Caiaphas wrote:I supposed I'd better clear up the intended use of these supersoldiers and give a bit of background.
They're designed to be sabatours, infiltrators, and commandos. They have recieved training in commanding, so that they can lead groups to accomplish objectives. The general method by which they're supposed to operate is like this: infiltrate a partisan base, work your way into a position where you can effect damage, cut the power and other vital utilities when the time is right, and slaughter everyone in the base or call in for reinforcements. They also may be called upon for special missions, like retrieval of a specific item or the assassination of a particular figure.
As for the background: there's two factions duking it out. One is the government and the other is a breakaway group that wants to lessen the authority of the government over individual nations. The breakaway group is organized sort of like the Taliban today, only based in cities all over the world rather than the middle of nowhere, so it's very hard to just send in the troops and kill them. That's why a specific, heavily modified group of supersoldiers is needed, to infiltrate and locate bases. It makes the job a lot easier for the regulars.
Shroom Man, thanks for the adrenaline gland idea. I hadn't thought of that.
The thing is, in locating and infiltrating and sabotaging local bases, why would you need someone who is superstrong, superfast, and superdurable and also SUPEREXPENSIVE? If you want someone to do special operations that involve infiltration, espionage, sabotage and stuff, then these guys are supposed to be stealthy, evasive, and cunning blokes who'll use deception, evasion, diversion and all other types of underhanded techniques to AVOID COMBAT because by avoiding combat, THAT is how they infiltrate Talibans/mafias/gangs/cartels/partisans/resistances/insurgencies. And because these guys AVOID combat, that makes giving them superstrength and superbones and supernerves kind of pointless.
You'd be better off spending time and energy and money training these guys on the local customs, traditions, techniques, strategies and tactics of the insurgents/Talibans/mafias/gangs/cartels/partisans/resistances/terrorists than spending millions of monies and months or years of time on radical surgery to enhance them with crazy technologies.
If you want someone who's superfast and superstrong and superexpensive and superkilly, they'd be less suited as infiltrators and would be more useful as shock troopers. The guys who come in helicopters to rescue hostages being held by terrorists, where their speed/strength/superabilities will be useful in an actual combat scenario.
But letting a single supersoldier go "slaughter everyone in the base"? Alone? By himself? Against dozens or hundreds of enemies? He must either have SUPER super-abilities that make him like a Space Marine (the ability to withstand getting shot in the face, the ability to keep on fighting despite losing limbs or suffering horrific burns or injuries, the ability to spit venom, multiple hearts, and a GIANT FUCKOFF POWER ARMOR, and like SPIDERMAN-FAST superspeed) or you're getting your supersoldier - who you spent MILLIONS of dollars on designing RADICAL SUPER-ADVANCED MEDICAL TECHNOLOGIES - killed by a dozen/hundred bad guys with guns.

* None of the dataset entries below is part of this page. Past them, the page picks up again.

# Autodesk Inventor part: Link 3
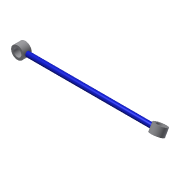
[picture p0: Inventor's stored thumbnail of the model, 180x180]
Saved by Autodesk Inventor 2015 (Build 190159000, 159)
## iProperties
Created: 2020-09
Part Number: Link 3
Material: 一般
Document SubType Name: Modeling
Designer: 徐冠倫
Mass: 0.863118 g
Surface Area: 12.5981 cm^2
Volume: 0.863118 cm^3
Density: 1 g/cm^3
Appearance: 預設
Author: IANNIAN
Title: D:\Desktop\OCW-Computer-Aided Engineering Drawing\OCW_Topic 06：組合圖與機構模擬(進階)\6-2_Inventor Studio\Banet\Banet(STP)\Part3.stp
Creation Date: 2020-09-04
Sending System: Autodesk Inventor 2020
Preprocessor: ST-DEVELOPER v18
Author: 徐冠倫
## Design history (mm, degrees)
node "Part31"
body "Solid1"
node "Base1"

This is IF you're trying to be realistic. If you're trying NOT to be realistic, then you can have your supersoldiers slaughter entire enemy bases by himself! It's also cool. A supersoldier program that uses cutting edge technology and millions of dollars to create a living-breathing RUTHLESS 80s ACTION HERO? A genetically-engineered cybernetic AHNULD? Oh man, that would be AWESOME! You can have him say ONE LINERS! "You're fired!" *shoots someone with a rocket launcher* "LET OFF SOME STEAM!" *impales bad guy with a steam pipe* "WRONG!" *shoots person in the face with a shotgun* "EXCUSE MY FRIEND, HE IS DEAD TIRED!" *breaks someone's neck* "CONSIDER THAT A DIVORCE!" *shoots Sharon Stone in the ovaries* "You know what I said about killing you last?" "Yeah, you said you would!" "I LIED!" *drops people off cliffs* "CHILL OUT DICKWAD!" *slaughters ONE MILLION PEOPLE SINGLEHANDEDLY* "Hasta la vista baby!"